Still, it is important to recognize that science does not compete with Biblical epistemology, but rather complements it. Science is only potent in particular contexts. It is abundantly descriptive of life, but doesn’t decipher the origin of life. It measures functions of mind, but doesn’t help us understand the derivation of mind. It does not comment intelligently on whether or not the will is free, nor does it shed light on the interaction problem – how the material and immaterial intersect, or if there is even such an intersection. The limits of science can extend only as far as the human sensory apparatus and the human reasoning apparatus intersect. As long as those who would pursue science acknowledge that limitation, the pursuit can be engaged with requisite humility, and resulting conclusions can be completely compatible with a Biblical worldview.

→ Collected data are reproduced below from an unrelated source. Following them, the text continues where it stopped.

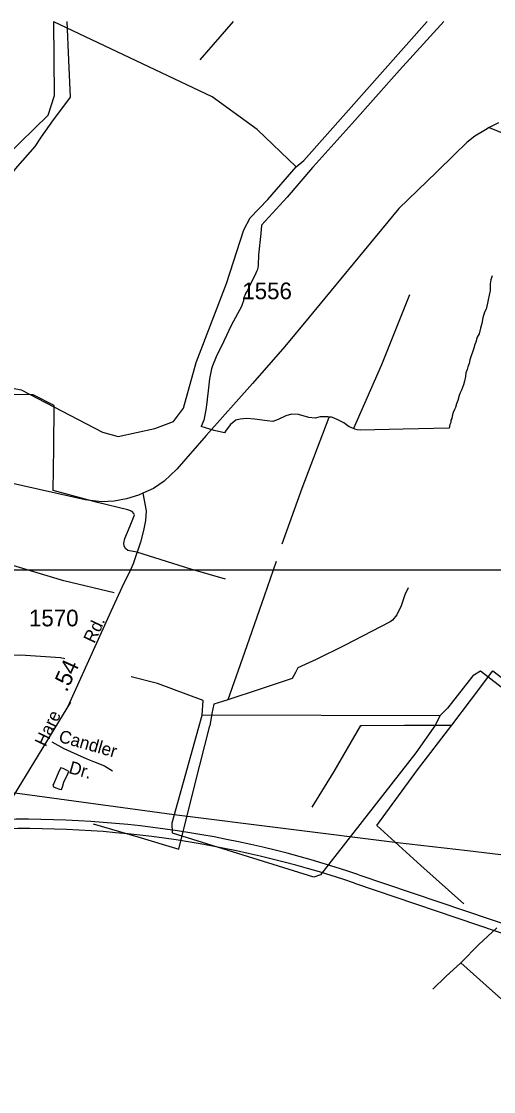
# Model space of a CAD drawing. Extents: x 2315291 to 2336543, y 597177 to 615230.
# Drawn here: x 2321750 to 2325292, y 606838 to 614871 of the extents above; entities that cross this region are included whole.
import ezdxf

# ---------------------------------------------------------------- set-up
doc = ezdxf.new("R2010")
doc.units = 0
for name, color, linetype in [('Exist Hydrographic Creek Single Shore', 7, 'Continuous'), ('Exist Hydrographic Misc Water Feature', 7, 'Continuous'), ('Exist Hydrographic Pond Under 1500 Sq Ft', 7, 'Continuous'), ('Exist Road Non-System Type 51', 7, 'Continuous'), ('Exist Road Non-System Type 51 Label', 7, 'Continuous'), ('Exist Road Primary US Attributed', 7, 'Continuous'), ('Exist Road Secondary Mileage Hundredths English Label', 7, 'Continuous'), ('Exist Road Secondary Type 51 Attributed', 7, 'Continuous'), ('Exist Road Secondary Type 51 Label', 7, 'Continuous'), ('Exist Road Secondary Type 51 Number Label', 7, 'Continuous'), ('Exist Utilities Electrical Transmission Line', 7, 'Continuous'), ('Map Preparation Inset Cut Line', 7, 'Continuous')]:
    doc.layers.add(name, color=color, linetype=linetype)

msp = doc.modelspace()

# ---------------------------------------------------------------- linework, layer by layer
at = {"layer": 'Exist Hydrographic Creek Single Shore'}
for points in [[(2320247.9, 612290.3), (2320621.2, 612293.7), (2320796.3, 612254.9), (2321106.3, 612100.1), (2321588.2, 612136), (2321747.3, 612106.4), (2322358.2, 611786.5), (2322475.3, 611755.1), (2322750.2, 611815.5), (2322891.3, 611867.1), (2322965.3, 611968.6), (2323061.3, 612310.4), (2323288.3, 612903.8), (2323417.3, 613306.1), (2323466.3, 613396.6), (2323597.3, 613533.3), (2323811.4, 613778.1)], [(2326848.4, 608712.7), (2325193.2, 609994.5), (2325135.4, 609959.4), (2324946.3, 609715.4), (2324888.3, 609657.3)]]:
    msp.add_lwpolyline(points, dxfattribs=at)
at = {"layer": 'Exist Hydrographic Misc Water Feature'}
for points in [[(2320220.3, 612330.1), (2320220.3, 612395.7), (2320465.3, 612815.8), (2320613.2, 612985.9), (2320894.3, 613154.7), (2321334.4, 613333.4), (2321441.2, 613459.1), (2321465.2, 613535.6), (2321538.2, 613709.2), (2321637.2, 613860.8), (2321950.3, 614165.6), (2321998.3, 614315.2), (2321992.2, 614866.3)], [(2322089.4, 614870.5), (2322102.5, 614580.8), (2322115.8, 614301), (2322050.8, 614214.3), (2321987.2, 614131.8), (2321898.7, 614004.8), (2321851.3, 613930.4), (2321703.6, 613764.9), (2321656.3, 613698.2), (2321605.4, 613613.8)], [(2321992.2, 614870.5), (2321992.2, 614866.3)], [(2323811.4, 613778.1), (2323517.3, 614058.4), (2323181.3, 614304), (2321992.2, 614866.3)], [(2323090.2, 614581.4), (2323341.5, 614870.5)], [(2323811.4, 613778.1), (2323869.2, 613826.4), (2324792.6, 614870.5)], [(2324918.2, 614870.5), (2324585.9, 614505.6), (2324230.5, 614103.6), (2323938.5, 613778.9)], [(2323938.5, 613778.9), (2323934.4, 613774.7), (2323742.9, 613550.8), (2323551, 613340.9), (2323545.8, 613278.8), (2323529.4, 613118.6), (2323526.4, 613038.8), (2323520.8, 613008.8), (2323513, 612994.6), (2323503.2, 612968.5), (2323473.9, 612910.4), (2323444.7, 612849.9), (2323436.3, 612835.8), (2323430.8, 612827.7), (2323424.7, 612813.6), (2323417.1, 612793.6), (2323415, 612773.7), (2323409.5, 612753.4), (2323399.8, 612731.4), (2323325, 612593), (2323268.4, 612470.1), (2323211.8, 612351.7), (2323182.5, 612285.5), (2323174.7, 612261.6), (2323162, 612187.3), (2323148.9, 612075.3), (2323147, 612057.3), (2323139.8, 612011), (2323132.2, 611954.9), (2323119.1, 611877), (2323097.4, 611830.8)], [(2325280.2, 612961.8), (2325270.5, 612929.6), (2325266.8, 612901.4), (2325266.8, 612879.5), (2325265.8, 612849.6), (2325258, 612815.5), (2325252.3, 612781.5), (2325246.7, 612755.6), (2325235.1, 612711.1), (2325223.4, 612687.3), (2325211.9, 612645.2), (2325203.9, 612603), (2325194.5, 612568.7), (2325182.8, 612524.7), (2325169, 612500.8), (2325157.5, 612462.8), (2325150, 612444.5), (2325144, 612418.6), (2325132.5, 612388.3), (2325122.7, 612360.2), (2325113, 612330), (2325109.6, 612302.1), (2325099.7, 612278), (2325093.8, 612257.8), (2325084.3, 612231.7), (2325080.4, 612205.9), (2325072.9, 612169.8), (2325065.1, 612141.7), (2325051.5, 612103.6), (2325041.9, 612083.6), (2325033.9, 612061.7), (2325022.8, 612025.2), (2325013, 611999.1), (2325005.2, 611973.1), (2324997.4, 611957.2), (2324989.4, 611934.9), (2324981.8, 611906.9), (2324977.9, 611888.8), (2324972.2, 611876.7), (2324970.3, 611860.8), (2324966.2, 611850.9), (2324964.8, 611845), (2324958.6, 611818.7), (2324614.8, 611811.2), (2324295.3, 611801.8), (2324269.3, 611805.3), (2324251, 611811.2), (2324241.2, 611815.2)], [(2324661.9, 612817.2), (2324449.9, 612293.1), (2324241.2, 611815.2)], [(2321994.4, 611988.7), (2321837.5, 612067), (2321481.8, 612069), (2321196.1, 612074.3)], [(2323281.7, 610683.3), (2323020.9, 610760.3), (2322615.9, 610886.1), (2322547.6, 610899.3), (2322530, 610913.3), (2322519.8, 610933), (2322517.3, 610954.9), (2322524.7, 610989.1), (2322565.9, 611085.5), (2322594.8, 611159.8), (2322599.1, 611167.7), (2322592.8, 611177.6), (2322581.1, 611191.5), (2322548.5, 611205.3), (2322320, 611260.8), (2321989.3, 611349.1), (2321992, 611669), (2321994.4, 611988.7)], [(2324058.3, 611901.1), (2324048.2, 611903), (2323992, 611902.1), (2323954.7, 611891.9), (2323906.3, 611897.6), (2323828.2, 611920.7), (2323776.5, 611922), (2323734.5, 611909.7), (2323674.8, 611883), (2323636.7, 611868.4), (2323592.8, 611872.2), (2323498.9, 611885.1), (2323441.1, 611890.6), (2323391, 611885.9), (2323359, 611877.4), (2323319.3, 611845.2), (2323285.8, 611802.8), (2323272.3, 611782.6), (2323196, 611799.7), (2323097.4, 611830.8)], [(2323704.8, 610949.8), (2323855.9, 611367), (2324058.3, 611901.1)], [(2324241.2, 611815.2), (2324209, 611828.6), (2324168.8, 611858.1), (2324124.3, 611879.8), (2324096.2, 611891.4), (2324076.5, 611901.2), (2324058.3, 611901.1)], [(2322445.3, 610582.5), (2322068.4, 610670.5), (2321558.9, 610824.9), (2321173.1, 610907.6), (2320850.3, 611049.4), (2320795.2, 611073)], [(2323662.1, 610817.5), (2323571.1, 610556.7), (2323423.6, 610133.1), (2323297.3, 609777.8)], [(2324651.7, 610619.9), (2324626.5, 610567.7), (2324599.2, 610483.4), (2324566, 610417), (2324532.5, 610377.1), (2324516.8, 610362.8), (2324173.1, 610185), (2323959.8, 610080.9), (2323824.5, 610019.3), (2323805, 609983.3), (2323781.4, 609939), (2323532.7, 609856.4), (2323305.3, 609779.9), (2323297.3, 609777.8)], [(2322074.8, 610085.2), (2322043.2, 610093.6), (2321744.2, 610114.3), (2320253.3, 610090), (2319979.2, 610046.1)], [(2324978.5, 609588.1), (2325126.6, 609783.6), (2325286.3, 609997.2), (2325664.8, 609705.5), (2326114.7, 609344.5), (2326489.6, 609050.5)], [(2323106.2, 609663.9), (2323113.4, 609772.6), (2322770.3, 609899.8), (2322573.7, 609952.1)], [(2323297.3, 609777.8), (2323257.5, 609765.6), (2323193.6, 609746.8)], [(2323193.6, 609746.8), (2323178.6, 609676.9), (2323163.6, 609582.6)], [(2322931.7, 608658.4), (2323050.4, 609139.8), (2323163.6, 609582.6)], [(2323931.7, 608973.1), (2324095, 609240.9), (2324297.1, 609584.8)], [(2324297.1, 609584.8), (2324303.1, 609584.7), (2324622.8, 609588.1), (2324978.5, 609588.1)], [(2324414.8, 608836.3), (2324722.2, 609253.6), (2324978.5, 609588.1)], [(2322098, 609223.5), (2322105.6, 609241.4), (2322087.7, 609251), (2322063.7, 609263.2), (2322045.5, 609268.7), (2322033.8, 609244.5), (2322018, 609210.4), (2321993.2, 609150.1), (2321986.8, 609138), (2321991.3, 609124.4), (2322007.3, 609118.3), (2322035.2, 609106.9), (2322049.4, 609104.7), (2322061.3, 609132.9), (2322068.8, 609161), (2322098, 609223.5)], [(2322287.8, 608847.8), (2322622.9, 608751.1), (2322931.7, 608658.4)], [(2325069.2, 608247.5), (2324746.2, 608534.2), (2324414.8, 608836.3)], [(2325045.8, 607803.7), (2325049.9, 607807.6), (2325180.5, 607941.2), (2325316.9, 608066.3)], [(2324836, 607607.8), (2324933, 607700.7), (2325045.8, 607803.7)], [(2326932.7, 607054.2), (2326544.3, 606942.4), (2326149.6, 606838), (2325687.4, 607233.1), (2325283.9, 607592.3), (2325045.8, 607803.7)]]:
    msp.add_lwpolyline(points, dxfattribs=at)
at = {"layer": 'Exist Hydrographic Pond Under 1500 Sq Ft'}
msp.add_line((2324888.3, 609657.3), (2323106.2, 609663.9), dxfattribs=at)
msp.add_lwpolyline([(2324888.3, 609657.3), (2324856.3, 609590.4), (2324708.3, 609381), (2323993.3, 608466), (2323944.3, 608447.6), (2322882.3, 608778.8), (2322881.3, 608854.2), (2323106.2, 609663.9)], dxfattribs=at)
at = {"layer": 'Exist Road Non-System Type 51'}
for points in [[(2325259.6, 614073.2), (2325558.1, 613951.5), (2326450.8, 613613.7), (2327039.8, 613403.5), (2327478.6, 613215.8), (2327820, 613073.2), (2328176.3, 612983.1)], [(2321977.6, 609463.6), (2322069.3, 609411.9), (2322169.3, 609366.9), (2322241, 609336.8), (2322291, 609315.2), (2322374.4, 609281.8), (2322433.5, 609244.8)]]:
    msp.add_lwpolyline(points, dxfattribs=at)
at = {"layer": 'Exist Road Primary US Attributed'}
for p, q in [((2324248.4, 608402.8), (2326243.3, 607727.1)), ((2324281.2, 608465.5), (2326291.9, 607784.6))]:
    msp.add_line(p, q, dxfattribs=at)
for centre, radius in [((2321750.2, 600992.5), 7890), ((2321761.8, 601060.6), 7751.8)]:
    msp.add_arc(centre, radius, 71.2898, 93.01588, dxfattribs=at)
at = {"layer": 'Exist Road Secondary Type 51 Attributed'}
msp.add_line((2322116.9, 609760.3), (2321080.7, 608061.5), dxfattribs=at)
for points in [[(2325328.5, 614109.4), (2325259.6, 614073.2), (2325230.1, 614057.7), (2325151.8, 614009.4), (2325090.1, 613962.6), (2324998.4, 613870.9), (2324863.4, 613739.1), (2324581.6, 613466.4), (2324319.9, 613151.1), (2323908.1, 612651.5), (2323726.4, 612429.6), (2323483, 612153.5), (2323136.3, 611763.2), (2322916.2, 611509.6), (2322819.5, 611419.5), (2322741.1, 611365.3), (2322661.1, 611328.6)], [(2322661.1, 611328.6), (2322627.8, 611313.6), (2322537.8, 611286.9), (2322446.1, 611270.2), (2322351, 611263.6), (2322227.7, 611278.6), (2321760.9, 611383.7), (2321164.1, 611518.8), (2320727.3, 611621.4), (2320450.5, 611684.8), (2320310.5, 611714.8), (2320235.5, 611729.8), (2320187.1, 611734.8), (2320133.8, 611738.2), (2320070.4, 611739.8), (2319960.4, 611703.1), (2319802, 611639.7), (2319662, 611566.3), (2319530.3, 611481.3), (2319365.3, 611356.2), (2319168.5, 611211)], [(2322661.1, 611328.6), (2322684.5, 611196.8), (2322679.5, 611123.4), (2322666.1, 611050), (2322642.8, 610961.6), (2322589.4, 610798.2), (2322567.3, 610753.3), (2322502.7, 610622.2), (2322407.7, 610413.6), (2322097.4, 609728.3)]]:
    msp.add_lwpolyline(points, dxfattribs=at)
at = {"layer": 'Exist Utilities Electrical Transmission Line'}
for points in [[(2321813.3, 609062.4), (2320886.9, 609186.2), (2319990.2, 609312.6), (2319344.2, 609400.7)], [(2329014.6, 608160.7), (2327204.2, 608382.7), (2326159.3, 608517.4), (2325096.6, 608643.9), (2324570.2, 608706.2), (2322894.9, 608916), (2321924, 609047.6), (2321813.3, 609062.4)]]:
    msp.add_lwpolyline(points, dxfattribs=at)
at = {"layer": 'Map Preparation Inset Cut Line'}
for p, q in [((2318621.3, 610753.3), (2322567.3, 610753.3)), ((2322567.3, 610753.3), (2330518.4, 610753.3))]:
    msp.add_line(p, q, dxfattribs=at)

# ---------------------------------------------------------------- texts
at = {"layer": 'Exist Road Non-System Type 51 Label'}
for s, p in [('Candler', (2322023.1, 609464.5)), ('Dr.', (2322099.2, 609230))]:
    msp.add_text(s, height=95, rotation=344.13083, dxfattribs=at).set_placement(p)
at = {"layer": 'Exist Road Secondary Mileage Hundredths English Label'}
msp.add_text('.54', height=125, rotation=65.64165, dxfattribs=at).set_placement((2322089.9, 609830.9))
at = {"layer": 'Exist Road Secondary Type 51 Label'}
for s, p in [('Rd.', (2322296.5, 610196.4)), ('Hare', (2321931.3, 609421.1))]:
    msp.add_text(s, height=95, rotation=64.77688, dxfattribs=at).set_placement(p)
at = {"layer": 'Exist Road Secondary Type 51 Number Label'}
for s, p in [('1556', (2323407.1, 612785.4)), ('1570', (2321806.7, 610330.1))]:
    msp.add_text(s, height=125, dxfattribs=at).set_placement(p)

doc.saveas('drawing.dxf')

Components of WorldviewThe conflict between science and the Biblical worldview arises when it is assumed that the structure and behavior of the physical and natural world is all that exists. That assumption demands that science is the only reliable vehicle for deriving truth and knowledge. On the other hand, where it is acknowledged that reality extends (or, at least, could possibly extend) beyond the physical and natural world, there is a humility that calls for more comprehensive tools of measure that reach beyond simply the reasoning and experiential apparatus.

This is where Biblical epistemology fits. This is why the Proverbist exhorts that “The fear of the Lord is the beginning of knowledge” (Prov 1:7a), that “The fear of the Lord is the beginning of wisdom, and the knowledge of the Holy One is understanding” (Prov 9:10), and that “the Lord gives wisdom; from His mouth comes knowledge and understanding” (Prov 2:6). The Proverbist recognizes that reality extends beyond the natural, and ultimately that the understanding of reality is rooted in God (as Creator), rather than simply in the experiential or in reason.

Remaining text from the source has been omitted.